TASK DETAILS: With pictures left out, extract every line between the start of the records below and the line holding "site_placement = place(None, origin_with_axes())", inclusive.

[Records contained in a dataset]
BEGIN

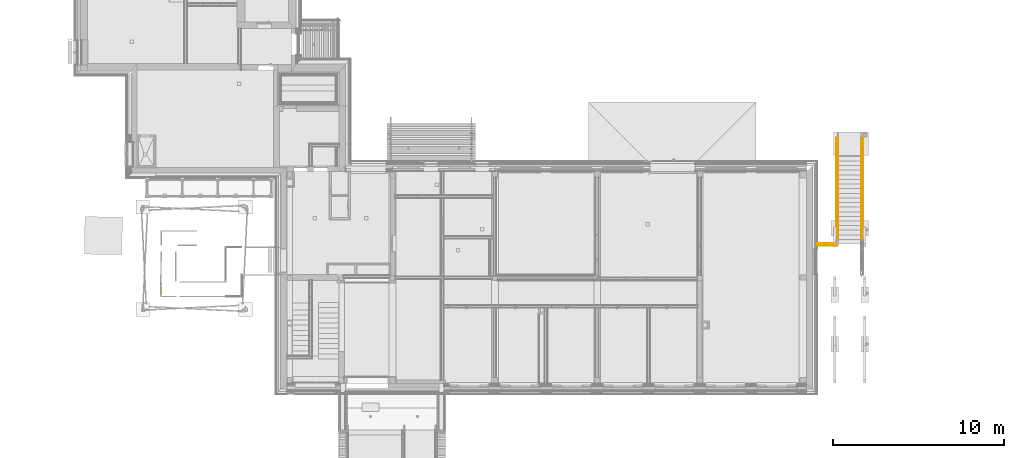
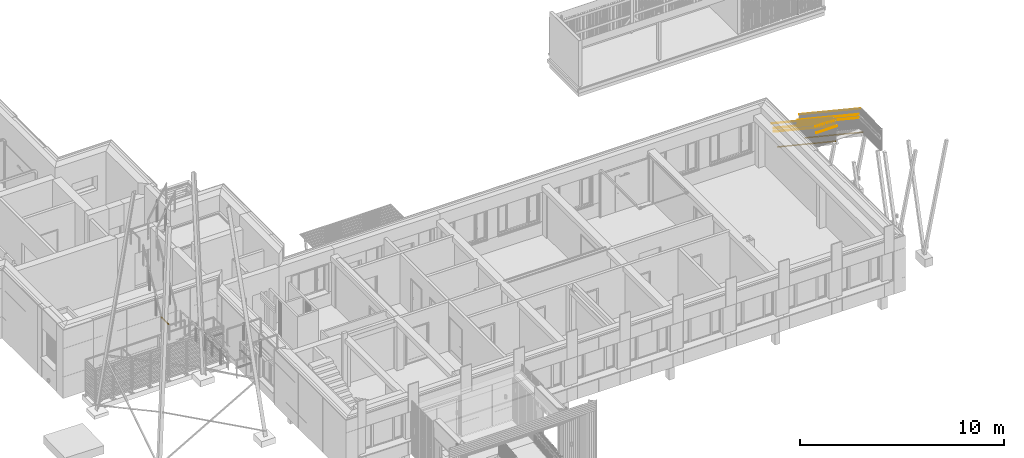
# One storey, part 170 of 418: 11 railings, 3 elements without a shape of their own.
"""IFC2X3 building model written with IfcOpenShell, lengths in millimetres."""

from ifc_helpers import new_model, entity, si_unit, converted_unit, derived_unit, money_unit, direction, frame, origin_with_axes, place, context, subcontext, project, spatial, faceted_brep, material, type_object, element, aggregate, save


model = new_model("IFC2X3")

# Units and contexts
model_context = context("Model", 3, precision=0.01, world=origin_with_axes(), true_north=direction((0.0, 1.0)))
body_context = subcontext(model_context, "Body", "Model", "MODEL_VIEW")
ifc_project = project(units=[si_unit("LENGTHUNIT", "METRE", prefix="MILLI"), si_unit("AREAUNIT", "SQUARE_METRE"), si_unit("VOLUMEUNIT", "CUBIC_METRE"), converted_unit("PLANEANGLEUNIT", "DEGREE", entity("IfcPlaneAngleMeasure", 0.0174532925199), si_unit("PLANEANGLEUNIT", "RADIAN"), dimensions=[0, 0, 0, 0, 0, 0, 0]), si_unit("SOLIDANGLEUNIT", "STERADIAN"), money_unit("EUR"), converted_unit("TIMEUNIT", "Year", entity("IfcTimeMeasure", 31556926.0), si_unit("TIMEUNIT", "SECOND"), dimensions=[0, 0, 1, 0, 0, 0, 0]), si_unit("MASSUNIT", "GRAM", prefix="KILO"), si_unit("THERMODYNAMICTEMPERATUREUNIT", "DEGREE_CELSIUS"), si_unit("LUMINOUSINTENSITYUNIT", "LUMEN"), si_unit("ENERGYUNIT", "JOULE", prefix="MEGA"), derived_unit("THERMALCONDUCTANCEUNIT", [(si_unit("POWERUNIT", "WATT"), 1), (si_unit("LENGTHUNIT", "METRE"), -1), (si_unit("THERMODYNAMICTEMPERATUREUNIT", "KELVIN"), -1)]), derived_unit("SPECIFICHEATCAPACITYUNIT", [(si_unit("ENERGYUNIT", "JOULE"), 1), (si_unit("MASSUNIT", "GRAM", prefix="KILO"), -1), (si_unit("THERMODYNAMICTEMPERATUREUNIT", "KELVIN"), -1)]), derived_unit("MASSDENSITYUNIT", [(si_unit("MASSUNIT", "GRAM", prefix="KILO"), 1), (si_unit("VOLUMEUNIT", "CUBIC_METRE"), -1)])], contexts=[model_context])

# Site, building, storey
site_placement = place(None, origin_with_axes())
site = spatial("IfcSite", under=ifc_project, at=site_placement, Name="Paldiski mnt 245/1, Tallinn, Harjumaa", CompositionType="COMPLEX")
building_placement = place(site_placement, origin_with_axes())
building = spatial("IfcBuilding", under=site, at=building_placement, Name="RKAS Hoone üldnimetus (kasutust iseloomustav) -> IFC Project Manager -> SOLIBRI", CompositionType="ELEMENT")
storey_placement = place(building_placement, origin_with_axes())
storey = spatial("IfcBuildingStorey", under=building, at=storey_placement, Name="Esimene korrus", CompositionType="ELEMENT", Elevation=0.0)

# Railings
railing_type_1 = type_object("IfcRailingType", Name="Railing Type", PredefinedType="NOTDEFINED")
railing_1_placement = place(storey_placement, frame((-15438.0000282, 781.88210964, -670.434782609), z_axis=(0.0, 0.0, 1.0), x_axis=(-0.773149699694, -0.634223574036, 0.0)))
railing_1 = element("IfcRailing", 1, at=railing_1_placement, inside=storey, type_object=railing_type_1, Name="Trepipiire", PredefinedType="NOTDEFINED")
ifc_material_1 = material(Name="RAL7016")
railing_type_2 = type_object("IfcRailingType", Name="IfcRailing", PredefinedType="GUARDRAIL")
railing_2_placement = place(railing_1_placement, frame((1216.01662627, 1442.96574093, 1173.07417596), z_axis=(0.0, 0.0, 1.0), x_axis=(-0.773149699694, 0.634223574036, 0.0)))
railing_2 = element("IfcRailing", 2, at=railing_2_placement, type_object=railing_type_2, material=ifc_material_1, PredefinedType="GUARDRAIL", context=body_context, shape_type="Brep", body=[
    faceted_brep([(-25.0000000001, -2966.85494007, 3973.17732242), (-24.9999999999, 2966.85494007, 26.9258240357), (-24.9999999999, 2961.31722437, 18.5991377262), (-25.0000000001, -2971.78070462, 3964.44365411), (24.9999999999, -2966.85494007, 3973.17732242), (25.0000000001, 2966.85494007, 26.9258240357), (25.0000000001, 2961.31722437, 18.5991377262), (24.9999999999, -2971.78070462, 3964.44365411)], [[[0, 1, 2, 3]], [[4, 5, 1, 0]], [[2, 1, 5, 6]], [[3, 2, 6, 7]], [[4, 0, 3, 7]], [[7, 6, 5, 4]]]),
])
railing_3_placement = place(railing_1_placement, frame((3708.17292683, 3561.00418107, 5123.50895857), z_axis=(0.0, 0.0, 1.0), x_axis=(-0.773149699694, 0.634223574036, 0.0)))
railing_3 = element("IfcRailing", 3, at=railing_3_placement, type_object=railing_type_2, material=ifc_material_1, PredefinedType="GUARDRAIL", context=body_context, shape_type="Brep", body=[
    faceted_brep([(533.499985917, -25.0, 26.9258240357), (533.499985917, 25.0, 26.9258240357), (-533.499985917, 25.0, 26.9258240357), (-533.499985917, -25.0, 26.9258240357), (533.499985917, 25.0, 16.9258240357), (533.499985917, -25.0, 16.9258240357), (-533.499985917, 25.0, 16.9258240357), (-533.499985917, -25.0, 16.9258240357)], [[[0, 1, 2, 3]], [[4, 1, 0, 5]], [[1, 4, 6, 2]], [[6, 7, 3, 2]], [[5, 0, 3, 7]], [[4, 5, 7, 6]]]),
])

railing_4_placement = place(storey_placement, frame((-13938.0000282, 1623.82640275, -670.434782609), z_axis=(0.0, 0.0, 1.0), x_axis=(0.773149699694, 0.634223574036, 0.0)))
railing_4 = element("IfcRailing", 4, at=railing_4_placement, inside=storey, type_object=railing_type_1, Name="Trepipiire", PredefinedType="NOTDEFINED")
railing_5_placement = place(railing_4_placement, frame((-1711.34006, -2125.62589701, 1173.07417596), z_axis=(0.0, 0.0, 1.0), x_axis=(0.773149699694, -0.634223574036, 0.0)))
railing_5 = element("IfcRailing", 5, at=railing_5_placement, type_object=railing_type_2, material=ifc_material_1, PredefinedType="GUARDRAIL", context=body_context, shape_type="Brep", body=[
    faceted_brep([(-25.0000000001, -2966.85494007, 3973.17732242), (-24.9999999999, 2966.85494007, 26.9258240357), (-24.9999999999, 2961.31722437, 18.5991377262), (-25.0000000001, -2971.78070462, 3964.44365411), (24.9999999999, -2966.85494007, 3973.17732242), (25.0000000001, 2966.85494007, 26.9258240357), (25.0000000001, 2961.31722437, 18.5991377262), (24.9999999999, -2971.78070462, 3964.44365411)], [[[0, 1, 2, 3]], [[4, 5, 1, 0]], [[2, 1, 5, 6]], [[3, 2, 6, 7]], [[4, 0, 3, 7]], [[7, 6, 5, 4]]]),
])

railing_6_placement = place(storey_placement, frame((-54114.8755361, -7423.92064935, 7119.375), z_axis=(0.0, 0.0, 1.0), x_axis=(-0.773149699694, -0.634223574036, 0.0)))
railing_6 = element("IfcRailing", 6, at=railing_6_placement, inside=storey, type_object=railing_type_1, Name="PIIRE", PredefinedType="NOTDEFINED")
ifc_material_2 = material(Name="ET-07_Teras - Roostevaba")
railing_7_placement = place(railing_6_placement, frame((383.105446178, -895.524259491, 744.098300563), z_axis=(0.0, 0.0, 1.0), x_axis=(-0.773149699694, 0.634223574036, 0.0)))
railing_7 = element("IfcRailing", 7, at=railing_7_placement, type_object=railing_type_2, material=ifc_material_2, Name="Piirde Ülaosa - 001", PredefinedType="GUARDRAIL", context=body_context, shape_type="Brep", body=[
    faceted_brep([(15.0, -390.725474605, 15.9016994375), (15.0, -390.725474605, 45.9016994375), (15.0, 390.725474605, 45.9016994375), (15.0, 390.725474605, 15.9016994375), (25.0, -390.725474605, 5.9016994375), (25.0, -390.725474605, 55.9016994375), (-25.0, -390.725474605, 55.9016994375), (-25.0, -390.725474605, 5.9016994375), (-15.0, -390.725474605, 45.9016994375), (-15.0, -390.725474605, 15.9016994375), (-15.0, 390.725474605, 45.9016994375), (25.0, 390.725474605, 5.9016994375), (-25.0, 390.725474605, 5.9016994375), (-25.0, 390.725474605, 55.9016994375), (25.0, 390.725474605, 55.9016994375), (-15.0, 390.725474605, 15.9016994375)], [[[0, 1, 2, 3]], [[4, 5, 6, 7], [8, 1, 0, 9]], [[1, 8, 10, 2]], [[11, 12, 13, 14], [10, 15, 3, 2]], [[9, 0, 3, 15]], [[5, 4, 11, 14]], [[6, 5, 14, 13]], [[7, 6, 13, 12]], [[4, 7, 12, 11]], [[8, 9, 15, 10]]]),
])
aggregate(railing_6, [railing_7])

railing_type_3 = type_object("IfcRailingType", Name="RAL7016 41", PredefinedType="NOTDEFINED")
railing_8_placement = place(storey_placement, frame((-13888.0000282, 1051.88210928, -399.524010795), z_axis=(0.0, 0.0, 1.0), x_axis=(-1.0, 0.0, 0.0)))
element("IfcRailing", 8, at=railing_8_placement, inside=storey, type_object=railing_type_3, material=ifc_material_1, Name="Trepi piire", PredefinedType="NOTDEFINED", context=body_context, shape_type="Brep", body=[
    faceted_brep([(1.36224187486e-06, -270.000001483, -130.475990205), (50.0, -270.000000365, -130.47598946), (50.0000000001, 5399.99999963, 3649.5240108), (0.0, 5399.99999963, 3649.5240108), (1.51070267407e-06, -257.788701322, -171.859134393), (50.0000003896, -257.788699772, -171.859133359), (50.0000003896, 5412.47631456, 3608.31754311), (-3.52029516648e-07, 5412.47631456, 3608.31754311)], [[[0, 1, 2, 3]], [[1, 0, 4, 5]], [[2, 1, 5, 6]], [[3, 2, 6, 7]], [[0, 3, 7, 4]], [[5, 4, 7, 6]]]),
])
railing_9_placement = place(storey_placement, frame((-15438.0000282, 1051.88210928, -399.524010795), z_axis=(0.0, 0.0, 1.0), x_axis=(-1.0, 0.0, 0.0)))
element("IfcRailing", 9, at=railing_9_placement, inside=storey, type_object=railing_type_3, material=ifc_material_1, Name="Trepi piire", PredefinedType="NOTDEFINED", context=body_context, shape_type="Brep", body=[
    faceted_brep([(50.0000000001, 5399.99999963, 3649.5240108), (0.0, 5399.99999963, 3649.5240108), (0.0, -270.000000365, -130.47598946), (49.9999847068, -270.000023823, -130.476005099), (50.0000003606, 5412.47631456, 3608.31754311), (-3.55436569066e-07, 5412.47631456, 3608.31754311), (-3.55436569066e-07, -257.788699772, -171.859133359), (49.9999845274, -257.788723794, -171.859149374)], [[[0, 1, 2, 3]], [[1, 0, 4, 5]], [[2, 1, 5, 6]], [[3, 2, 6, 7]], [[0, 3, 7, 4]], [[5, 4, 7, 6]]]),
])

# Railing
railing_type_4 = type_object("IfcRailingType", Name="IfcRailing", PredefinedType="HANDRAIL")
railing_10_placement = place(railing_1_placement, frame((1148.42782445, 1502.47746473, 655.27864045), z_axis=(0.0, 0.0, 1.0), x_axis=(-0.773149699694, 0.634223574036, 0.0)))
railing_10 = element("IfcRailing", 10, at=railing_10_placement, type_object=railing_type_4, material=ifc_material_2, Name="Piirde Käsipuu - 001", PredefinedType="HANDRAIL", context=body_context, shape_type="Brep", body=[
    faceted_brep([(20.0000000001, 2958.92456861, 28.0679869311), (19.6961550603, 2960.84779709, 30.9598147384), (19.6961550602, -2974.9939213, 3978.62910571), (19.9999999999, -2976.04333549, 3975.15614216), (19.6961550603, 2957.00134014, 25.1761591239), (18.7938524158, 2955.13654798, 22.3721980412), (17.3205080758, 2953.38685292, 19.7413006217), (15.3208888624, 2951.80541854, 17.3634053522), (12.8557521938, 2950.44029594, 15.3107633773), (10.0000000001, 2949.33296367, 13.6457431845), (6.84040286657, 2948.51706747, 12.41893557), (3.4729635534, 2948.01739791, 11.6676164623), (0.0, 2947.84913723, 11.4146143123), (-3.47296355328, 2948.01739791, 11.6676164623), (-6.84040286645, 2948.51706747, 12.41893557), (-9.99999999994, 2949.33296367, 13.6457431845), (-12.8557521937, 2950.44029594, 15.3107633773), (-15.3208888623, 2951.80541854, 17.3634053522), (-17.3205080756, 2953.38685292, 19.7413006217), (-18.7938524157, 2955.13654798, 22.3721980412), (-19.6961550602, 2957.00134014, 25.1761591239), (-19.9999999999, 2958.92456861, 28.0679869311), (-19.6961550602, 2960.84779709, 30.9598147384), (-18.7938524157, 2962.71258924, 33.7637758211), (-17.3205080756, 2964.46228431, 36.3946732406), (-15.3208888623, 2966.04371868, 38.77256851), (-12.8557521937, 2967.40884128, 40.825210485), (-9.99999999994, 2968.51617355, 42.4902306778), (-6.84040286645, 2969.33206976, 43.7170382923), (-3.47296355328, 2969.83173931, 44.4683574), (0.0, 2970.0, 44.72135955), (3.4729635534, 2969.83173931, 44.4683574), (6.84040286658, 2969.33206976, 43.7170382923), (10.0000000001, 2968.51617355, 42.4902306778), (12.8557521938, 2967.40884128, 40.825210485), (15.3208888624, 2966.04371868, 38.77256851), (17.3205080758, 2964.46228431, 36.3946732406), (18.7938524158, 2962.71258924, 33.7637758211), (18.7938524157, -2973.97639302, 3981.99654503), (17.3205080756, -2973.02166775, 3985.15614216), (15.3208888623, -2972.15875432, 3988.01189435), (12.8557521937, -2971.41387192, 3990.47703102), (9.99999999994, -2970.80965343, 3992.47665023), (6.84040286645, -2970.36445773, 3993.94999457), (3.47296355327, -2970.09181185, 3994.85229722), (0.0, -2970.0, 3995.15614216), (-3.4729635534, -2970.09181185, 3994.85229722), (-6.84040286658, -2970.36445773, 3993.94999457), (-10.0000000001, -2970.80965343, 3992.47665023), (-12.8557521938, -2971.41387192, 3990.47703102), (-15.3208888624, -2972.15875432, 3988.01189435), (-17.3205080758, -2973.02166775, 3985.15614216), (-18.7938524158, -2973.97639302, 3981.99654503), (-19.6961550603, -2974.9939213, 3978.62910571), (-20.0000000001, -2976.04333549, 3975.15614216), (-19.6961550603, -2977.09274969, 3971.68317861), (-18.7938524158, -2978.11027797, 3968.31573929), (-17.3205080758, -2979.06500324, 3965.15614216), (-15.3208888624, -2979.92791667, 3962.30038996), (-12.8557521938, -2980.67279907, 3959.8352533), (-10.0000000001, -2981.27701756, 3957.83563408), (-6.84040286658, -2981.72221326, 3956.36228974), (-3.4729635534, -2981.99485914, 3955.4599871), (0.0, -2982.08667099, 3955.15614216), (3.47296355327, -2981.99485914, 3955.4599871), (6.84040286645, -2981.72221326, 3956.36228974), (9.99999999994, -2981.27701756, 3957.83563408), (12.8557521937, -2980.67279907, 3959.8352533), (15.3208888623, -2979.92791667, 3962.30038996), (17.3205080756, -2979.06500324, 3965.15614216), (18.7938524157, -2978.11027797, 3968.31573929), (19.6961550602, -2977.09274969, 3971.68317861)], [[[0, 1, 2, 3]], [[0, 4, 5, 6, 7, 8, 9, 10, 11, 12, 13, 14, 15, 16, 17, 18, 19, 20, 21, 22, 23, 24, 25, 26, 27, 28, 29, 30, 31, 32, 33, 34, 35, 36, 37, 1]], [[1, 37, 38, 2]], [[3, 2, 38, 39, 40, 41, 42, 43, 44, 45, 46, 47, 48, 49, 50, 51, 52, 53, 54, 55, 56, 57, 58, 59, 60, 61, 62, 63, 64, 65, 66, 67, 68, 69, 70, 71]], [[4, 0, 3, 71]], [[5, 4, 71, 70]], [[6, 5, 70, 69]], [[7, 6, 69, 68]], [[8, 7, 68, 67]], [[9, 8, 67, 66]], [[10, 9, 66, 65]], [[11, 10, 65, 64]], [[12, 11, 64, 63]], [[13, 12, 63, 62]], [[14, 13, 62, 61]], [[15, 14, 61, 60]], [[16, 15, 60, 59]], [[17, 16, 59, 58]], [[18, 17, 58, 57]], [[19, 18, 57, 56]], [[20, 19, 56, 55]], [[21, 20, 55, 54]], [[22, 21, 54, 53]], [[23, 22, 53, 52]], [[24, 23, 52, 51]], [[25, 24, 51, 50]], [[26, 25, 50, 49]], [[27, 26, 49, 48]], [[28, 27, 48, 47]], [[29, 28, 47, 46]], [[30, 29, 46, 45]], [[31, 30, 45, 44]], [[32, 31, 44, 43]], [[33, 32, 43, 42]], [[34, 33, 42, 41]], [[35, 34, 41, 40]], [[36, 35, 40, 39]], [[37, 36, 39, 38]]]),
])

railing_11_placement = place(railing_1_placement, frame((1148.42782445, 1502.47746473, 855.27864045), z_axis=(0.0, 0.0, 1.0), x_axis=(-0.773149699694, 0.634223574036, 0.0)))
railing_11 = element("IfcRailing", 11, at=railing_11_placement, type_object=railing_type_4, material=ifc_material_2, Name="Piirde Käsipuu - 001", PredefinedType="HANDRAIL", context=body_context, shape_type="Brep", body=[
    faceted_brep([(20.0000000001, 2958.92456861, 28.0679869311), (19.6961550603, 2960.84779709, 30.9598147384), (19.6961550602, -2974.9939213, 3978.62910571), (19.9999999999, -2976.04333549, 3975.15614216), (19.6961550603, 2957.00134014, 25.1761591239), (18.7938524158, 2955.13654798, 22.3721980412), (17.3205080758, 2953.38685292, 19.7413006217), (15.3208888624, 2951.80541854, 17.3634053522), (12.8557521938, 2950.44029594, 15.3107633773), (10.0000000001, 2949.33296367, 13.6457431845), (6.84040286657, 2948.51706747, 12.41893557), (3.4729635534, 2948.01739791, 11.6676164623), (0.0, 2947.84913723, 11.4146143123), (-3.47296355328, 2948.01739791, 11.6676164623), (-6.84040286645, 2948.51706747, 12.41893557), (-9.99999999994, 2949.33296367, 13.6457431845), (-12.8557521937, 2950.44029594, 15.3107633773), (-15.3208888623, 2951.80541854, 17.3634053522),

END

EXERCISE OUTPUT:
# One storey, part 170 of 418: 11 railings, 3 elements without a shape of their own.
"""IFC2X3 building model written with IfcOpenShell, lengths in millimetres."""

from ifc_helpers import new_model, entity, si_unit, converted_unit, derived_unit, money_unit, direction, frame, origin_with_axes, place, context, subcontext, project, spatial, faceted_brep, material, type_object, element, aggregate, save


model = new_model("IFC2X3")

# Units and contexts
model_context = context("Model", 3, precision=0.01, world=origin_with_axes(), true_north=direction((0.0, 1.0)))
body_context = subcontext(model_context, "Body", "Model", "MODEL_VIEW")
ifc_project = project(units=[si_unit("LENGTHUNIT", "METRE", prefix="MILLI"), si_unit("AREAUNIT", "SQUARE_METRE"), si_unit("VOLUMEUNIT", "CUBIC_METRE"), converted_unit("PLANEANGLEUNIT", "DEGREE", entity("IfcPlaneAngleMeasure", 0.0174532925199), si_unit("PLANEANGLEUNIT", "RADIAN"), dimensions=[0, 0, 0, 0, 0, 0, 0]), si_unit("SOLIDANGLEUNIT", "STERADIAN"), money_unit("EUR"), converted_unit("TIMEUNIT", "Year", entity("IfcTimeMeasure", 31556926.0), si_unit("TIMEUNIT", "SECOND"), dimensions=[0, 0, 1, 0, 0, 0, 0]), si_unit("MASSUNIT", "GRAM", prefix="KILO"), si_unit("THERMODYNAMICTEMPERATUREUNIT", "DEGREE_CELSIUS"), si_unit("LUMINOUSINTENSITYUNIT", "LUMEN"), si_unit("ENERGYUNIT", "JOULE", prefix="MEGA"), derived_unit("THERMALCONDUCTANCEUNIT", [(si_unit("POWERUNIT", "WATT"), 1), (si_unit("LENGTHUNIT", "METRE"), -1), (si_unit("THERMODYNAMICTEMPERATUREUNIT", "KELVIN"), -1)]), derived_unit("SPECIFICHEATCAPACITYUNIT", [(si_unit("ENERGYUNIT", "JOULE"), 1), (si_unit("MASSUNIT", "GRAM", prefix="KILO"), -1), (si_unit("THERMODYNAMICTEMPERATUREUNIT", "KELVIN"), -1)]), derived_unit("MASSDENSITYUNIT", [(si_unit("MASSUNIT", "GRAM", prefix="KILO"), 1), (si_unit("VOLUMEUNIT", "CUBIC_METRE"), -1)])], contexts=[model_context])

# Site, building, storey
site_placement = place(None, origin_with_axes())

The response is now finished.